# PROBLEM STATEMENT
From the entries that follow, work out how many lines contain "Gusset". Write the number only.

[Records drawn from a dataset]
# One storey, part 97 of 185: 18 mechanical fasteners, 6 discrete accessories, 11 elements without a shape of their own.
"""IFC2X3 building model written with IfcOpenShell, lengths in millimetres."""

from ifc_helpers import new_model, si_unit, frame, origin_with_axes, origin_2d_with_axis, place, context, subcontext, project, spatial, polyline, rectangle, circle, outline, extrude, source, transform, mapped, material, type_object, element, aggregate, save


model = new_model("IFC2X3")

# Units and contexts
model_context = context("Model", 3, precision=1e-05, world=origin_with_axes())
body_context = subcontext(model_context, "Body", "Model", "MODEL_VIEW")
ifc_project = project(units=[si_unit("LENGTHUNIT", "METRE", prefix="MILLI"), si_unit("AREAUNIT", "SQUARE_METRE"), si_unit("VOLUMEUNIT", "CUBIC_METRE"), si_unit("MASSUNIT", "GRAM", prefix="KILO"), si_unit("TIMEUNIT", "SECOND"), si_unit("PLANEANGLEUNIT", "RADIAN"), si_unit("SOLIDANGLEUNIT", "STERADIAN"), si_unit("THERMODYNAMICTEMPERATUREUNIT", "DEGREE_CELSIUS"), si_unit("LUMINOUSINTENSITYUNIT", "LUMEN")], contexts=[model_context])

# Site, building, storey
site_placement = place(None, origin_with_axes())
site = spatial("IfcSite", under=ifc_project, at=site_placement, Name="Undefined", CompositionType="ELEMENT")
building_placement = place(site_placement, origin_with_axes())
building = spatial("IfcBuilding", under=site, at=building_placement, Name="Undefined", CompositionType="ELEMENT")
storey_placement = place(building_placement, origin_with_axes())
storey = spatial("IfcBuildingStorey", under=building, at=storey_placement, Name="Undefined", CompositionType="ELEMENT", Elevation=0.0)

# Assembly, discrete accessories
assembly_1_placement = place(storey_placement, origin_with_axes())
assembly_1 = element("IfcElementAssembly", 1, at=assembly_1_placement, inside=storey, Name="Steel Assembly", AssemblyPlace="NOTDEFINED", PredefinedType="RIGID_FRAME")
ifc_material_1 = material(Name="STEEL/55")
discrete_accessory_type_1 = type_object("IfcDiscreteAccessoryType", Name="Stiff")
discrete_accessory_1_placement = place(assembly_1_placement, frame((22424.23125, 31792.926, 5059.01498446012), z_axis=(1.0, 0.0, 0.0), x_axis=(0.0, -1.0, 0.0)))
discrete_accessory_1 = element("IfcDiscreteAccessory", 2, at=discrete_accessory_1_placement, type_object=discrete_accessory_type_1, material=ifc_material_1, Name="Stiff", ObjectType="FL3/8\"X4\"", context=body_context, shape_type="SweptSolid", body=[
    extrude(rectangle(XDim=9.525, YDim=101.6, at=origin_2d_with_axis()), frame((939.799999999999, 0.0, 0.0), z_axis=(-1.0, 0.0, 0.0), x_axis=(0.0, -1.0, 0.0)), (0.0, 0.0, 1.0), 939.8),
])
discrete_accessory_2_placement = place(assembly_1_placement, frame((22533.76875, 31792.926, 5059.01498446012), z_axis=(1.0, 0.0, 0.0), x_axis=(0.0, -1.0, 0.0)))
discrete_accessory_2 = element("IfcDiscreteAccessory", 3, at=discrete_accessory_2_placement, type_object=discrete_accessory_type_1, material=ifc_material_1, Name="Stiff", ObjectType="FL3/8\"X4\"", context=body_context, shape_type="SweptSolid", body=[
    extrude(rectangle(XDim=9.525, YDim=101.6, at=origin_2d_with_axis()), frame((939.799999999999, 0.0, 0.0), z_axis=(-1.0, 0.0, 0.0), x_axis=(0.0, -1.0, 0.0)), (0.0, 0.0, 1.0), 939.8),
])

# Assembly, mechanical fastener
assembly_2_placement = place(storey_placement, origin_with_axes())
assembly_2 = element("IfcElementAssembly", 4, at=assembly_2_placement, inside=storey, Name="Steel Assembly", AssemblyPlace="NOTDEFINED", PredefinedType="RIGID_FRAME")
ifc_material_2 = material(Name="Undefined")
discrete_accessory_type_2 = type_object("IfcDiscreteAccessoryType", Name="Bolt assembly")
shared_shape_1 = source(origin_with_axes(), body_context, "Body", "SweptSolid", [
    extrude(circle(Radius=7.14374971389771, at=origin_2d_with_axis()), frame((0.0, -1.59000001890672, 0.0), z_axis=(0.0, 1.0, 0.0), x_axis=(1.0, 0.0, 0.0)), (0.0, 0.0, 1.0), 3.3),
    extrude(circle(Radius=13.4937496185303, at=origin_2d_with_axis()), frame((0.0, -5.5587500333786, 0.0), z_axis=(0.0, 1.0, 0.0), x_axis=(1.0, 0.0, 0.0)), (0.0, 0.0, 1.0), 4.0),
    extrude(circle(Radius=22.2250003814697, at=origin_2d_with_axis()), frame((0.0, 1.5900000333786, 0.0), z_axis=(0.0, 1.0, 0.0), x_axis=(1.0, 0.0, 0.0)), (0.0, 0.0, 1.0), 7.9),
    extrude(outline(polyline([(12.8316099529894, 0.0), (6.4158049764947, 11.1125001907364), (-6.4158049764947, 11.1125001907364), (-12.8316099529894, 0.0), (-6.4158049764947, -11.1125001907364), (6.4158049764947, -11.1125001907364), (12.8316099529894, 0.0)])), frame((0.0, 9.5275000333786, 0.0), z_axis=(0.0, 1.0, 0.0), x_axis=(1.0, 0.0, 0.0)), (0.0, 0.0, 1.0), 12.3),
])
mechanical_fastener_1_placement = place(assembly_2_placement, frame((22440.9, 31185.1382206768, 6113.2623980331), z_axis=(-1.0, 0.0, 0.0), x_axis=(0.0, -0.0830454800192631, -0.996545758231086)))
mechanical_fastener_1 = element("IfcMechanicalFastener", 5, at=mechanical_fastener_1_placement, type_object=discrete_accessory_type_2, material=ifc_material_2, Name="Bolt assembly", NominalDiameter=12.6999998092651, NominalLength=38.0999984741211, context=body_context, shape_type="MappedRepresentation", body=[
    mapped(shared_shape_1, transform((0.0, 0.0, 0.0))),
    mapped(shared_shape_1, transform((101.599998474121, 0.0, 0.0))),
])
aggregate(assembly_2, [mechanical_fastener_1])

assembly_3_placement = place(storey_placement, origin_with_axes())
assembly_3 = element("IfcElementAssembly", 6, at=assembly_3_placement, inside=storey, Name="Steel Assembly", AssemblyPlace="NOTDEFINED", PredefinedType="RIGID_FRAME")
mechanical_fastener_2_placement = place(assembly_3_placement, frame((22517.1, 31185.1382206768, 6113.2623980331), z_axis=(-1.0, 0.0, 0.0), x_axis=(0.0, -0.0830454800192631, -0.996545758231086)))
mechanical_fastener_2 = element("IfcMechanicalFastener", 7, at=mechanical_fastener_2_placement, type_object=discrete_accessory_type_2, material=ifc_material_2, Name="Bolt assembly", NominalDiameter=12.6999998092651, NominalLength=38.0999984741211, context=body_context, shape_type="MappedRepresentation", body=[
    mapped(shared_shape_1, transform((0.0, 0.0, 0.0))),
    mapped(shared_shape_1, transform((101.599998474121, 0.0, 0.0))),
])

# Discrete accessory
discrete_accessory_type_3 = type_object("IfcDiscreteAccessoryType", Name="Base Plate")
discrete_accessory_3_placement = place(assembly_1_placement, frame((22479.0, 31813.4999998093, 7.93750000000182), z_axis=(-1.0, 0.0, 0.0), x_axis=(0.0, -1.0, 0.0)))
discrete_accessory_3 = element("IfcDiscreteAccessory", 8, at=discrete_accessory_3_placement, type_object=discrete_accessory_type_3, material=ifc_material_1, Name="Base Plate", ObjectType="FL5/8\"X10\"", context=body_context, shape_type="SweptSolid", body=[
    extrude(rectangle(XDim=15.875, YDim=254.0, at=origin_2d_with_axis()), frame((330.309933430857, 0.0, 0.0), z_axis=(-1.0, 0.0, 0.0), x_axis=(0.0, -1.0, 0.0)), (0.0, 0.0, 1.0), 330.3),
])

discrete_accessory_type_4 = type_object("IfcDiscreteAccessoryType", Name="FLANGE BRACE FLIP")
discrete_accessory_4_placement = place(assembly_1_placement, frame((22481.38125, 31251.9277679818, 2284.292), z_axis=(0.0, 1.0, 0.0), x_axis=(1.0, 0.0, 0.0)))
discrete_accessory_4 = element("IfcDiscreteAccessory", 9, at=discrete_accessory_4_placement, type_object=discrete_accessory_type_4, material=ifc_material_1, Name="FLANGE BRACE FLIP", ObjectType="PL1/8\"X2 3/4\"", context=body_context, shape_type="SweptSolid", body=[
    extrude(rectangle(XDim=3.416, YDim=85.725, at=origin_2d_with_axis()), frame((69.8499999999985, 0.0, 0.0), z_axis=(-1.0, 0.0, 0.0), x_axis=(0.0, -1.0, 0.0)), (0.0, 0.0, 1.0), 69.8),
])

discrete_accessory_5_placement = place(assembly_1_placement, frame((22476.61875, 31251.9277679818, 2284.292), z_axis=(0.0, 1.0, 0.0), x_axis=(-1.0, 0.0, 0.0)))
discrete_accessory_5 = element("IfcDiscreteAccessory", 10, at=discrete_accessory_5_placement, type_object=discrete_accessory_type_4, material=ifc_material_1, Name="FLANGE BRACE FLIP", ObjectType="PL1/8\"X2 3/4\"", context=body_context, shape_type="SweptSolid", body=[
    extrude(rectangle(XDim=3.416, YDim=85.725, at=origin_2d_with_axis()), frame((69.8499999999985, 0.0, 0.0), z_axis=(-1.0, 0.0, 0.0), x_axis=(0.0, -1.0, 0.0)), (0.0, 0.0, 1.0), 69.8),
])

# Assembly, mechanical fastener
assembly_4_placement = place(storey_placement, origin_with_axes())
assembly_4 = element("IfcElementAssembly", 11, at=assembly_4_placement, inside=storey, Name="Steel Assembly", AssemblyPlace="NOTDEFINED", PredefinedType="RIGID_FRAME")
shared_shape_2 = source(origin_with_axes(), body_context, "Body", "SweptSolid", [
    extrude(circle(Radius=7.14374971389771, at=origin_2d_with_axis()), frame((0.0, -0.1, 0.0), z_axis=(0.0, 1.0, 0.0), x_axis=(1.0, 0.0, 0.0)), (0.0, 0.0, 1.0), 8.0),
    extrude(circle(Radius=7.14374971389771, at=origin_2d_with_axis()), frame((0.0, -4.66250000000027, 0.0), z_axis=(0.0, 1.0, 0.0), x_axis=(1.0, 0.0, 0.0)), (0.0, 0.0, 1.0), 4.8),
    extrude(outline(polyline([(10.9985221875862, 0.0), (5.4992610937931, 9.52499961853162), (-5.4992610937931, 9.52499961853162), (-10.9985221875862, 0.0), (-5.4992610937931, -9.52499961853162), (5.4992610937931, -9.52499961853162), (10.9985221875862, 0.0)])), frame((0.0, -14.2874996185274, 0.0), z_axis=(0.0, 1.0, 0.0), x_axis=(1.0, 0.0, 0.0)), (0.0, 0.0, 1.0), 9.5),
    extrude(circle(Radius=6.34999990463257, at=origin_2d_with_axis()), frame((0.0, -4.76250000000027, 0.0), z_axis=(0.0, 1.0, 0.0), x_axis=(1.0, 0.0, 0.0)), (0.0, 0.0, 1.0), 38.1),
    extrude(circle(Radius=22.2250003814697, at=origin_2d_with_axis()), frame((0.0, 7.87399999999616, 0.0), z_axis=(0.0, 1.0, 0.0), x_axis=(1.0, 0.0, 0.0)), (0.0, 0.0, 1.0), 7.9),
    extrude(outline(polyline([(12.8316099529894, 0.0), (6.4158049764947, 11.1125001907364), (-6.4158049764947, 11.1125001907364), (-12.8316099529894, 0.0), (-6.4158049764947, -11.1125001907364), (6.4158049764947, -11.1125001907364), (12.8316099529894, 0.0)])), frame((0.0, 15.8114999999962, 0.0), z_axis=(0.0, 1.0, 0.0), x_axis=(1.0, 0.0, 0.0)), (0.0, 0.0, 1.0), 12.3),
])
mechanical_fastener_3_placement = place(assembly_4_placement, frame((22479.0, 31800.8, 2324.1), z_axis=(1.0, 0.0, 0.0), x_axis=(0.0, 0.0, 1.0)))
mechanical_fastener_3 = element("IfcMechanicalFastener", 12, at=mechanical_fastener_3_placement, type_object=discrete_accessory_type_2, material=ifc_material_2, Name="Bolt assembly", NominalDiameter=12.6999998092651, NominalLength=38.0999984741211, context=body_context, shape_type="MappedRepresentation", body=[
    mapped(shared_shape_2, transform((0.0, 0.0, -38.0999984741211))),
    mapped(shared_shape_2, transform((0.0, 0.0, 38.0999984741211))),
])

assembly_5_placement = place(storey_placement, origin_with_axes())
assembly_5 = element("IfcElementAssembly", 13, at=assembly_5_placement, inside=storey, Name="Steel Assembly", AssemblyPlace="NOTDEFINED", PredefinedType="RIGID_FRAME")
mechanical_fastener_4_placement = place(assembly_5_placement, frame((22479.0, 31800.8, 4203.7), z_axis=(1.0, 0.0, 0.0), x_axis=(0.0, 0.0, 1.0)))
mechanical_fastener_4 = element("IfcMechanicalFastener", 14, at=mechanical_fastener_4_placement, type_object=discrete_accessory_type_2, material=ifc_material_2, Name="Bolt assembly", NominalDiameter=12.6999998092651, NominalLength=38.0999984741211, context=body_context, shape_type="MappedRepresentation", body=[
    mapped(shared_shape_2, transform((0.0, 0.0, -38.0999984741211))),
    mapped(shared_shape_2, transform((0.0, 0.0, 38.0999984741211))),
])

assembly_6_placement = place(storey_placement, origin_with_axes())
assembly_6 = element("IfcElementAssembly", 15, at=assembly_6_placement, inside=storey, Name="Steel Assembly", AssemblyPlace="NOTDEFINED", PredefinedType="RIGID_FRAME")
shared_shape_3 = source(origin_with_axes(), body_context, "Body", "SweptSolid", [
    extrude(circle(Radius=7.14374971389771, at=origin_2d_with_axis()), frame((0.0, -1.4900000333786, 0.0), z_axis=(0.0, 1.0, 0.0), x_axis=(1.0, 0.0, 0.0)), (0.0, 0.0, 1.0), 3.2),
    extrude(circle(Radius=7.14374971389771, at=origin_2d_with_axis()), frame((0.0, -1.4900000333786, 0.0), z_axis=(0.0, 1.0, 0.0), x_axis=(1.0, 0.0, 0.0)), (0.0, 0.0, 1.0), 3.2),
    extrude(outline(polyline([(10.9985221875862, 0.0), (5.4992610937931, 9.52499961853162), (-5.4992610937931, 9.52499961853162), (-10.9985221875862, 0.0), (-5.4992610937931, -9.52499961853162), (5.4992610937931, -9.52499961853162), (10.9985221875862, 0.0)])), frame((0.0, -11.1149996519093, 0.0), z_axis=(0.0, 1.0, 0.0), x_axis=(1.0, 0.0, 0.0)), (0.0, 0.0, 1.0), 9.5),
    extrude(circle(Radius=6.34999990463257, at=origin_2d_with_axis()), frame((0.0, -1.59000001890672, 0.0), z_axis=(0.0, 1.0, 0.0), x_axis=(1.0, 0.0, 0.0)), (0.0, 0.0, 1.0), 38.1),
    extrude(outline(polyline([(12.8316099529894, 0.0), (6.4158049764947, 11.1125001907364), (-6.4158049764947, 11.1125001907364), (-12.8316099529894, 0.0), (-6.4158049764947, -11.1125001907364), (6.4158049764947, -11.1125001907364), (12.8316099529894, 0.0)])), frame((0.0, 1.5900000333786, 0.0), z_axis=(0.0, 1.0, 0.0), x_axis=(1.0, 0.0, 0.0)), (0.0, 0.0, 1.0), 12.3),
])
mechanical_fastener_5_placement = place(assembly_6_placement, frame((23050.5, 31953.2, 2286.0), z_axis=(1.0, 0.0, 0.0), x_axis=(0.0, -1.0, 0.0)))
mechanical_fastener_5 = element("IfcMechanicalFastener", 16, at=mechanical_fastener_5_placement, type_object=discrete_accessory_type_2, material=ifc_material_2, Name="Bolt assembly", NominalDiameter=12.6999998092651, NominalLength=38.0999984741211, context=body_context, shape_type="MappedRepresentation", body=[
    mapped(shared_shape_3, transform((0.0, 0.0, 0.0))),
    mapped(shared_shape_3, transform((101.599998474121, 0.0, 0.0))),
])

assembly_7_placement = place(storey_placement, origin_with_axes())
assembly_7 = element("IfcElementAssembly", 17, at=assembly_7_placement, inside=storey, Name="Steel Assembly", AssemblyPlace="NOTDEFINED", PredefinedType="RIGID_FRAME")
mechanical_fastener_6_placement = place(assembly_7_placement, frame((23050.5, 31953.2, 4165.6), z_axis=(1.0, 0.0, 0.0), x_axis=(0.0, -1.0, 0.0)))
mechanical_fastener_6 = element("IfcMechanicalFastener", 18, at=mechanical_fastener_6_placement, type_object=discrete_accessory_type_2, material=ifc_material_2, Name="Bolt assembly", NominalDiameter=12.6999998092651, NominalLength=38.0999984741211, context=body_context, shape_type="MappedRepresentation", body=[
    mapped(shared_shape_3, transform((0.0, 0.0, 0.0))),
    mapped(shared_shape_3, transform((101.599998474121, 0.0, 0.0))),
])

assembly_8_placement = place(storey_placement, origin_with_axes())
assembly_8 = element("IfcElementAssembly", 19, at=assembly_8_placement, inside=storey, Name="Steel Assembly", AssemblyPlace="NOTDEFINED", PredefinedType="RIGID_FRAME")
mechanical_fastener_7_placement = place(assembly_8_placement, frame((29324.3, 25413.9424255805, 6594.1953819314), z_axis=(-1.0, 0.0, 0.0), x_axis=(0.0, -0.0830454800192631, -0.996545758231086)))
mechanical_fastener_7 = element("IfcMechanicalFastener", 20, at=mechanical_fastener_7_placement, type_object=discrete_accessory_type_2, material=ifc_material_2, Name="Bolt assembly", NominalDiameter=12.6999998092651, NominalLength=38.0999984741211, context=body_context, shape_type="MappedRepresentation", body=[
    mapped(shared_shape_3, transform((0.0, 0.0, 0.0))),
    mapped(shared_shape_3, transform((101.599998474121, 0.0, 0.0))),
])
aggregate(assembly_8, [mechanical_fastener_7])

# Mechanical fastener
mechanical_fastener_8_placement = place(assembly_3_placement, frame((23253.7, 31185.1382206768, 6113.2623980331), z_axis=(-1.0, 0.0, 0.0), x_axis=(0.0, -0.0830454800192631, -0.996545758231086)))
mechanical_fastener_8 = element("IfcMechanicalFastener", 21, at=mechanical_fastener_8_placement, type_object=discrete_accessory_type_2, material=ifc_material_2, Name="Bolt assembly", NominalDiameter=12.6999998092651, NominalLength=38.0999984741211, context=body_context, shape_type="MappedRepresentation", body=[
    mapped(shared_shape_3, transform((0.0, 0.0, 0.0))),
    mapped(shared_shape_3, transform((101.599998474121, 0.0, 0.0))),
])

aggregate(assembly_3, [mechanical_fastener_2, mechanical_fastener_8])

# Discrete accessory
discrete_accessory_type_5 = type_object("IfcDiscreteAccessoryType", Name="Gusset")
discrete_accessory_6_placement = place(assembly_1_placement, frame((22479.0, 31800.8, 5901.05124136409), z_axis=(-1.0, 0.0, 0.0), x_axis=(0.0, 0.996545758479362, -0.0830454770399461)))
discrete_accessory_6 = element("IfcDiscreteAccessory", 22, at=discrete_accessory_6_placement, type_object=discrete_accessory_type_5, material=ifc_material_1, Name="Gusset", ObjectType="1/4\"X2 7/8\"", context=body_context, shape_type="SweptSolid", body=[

# RESPONSE TO THE EXERCISE
2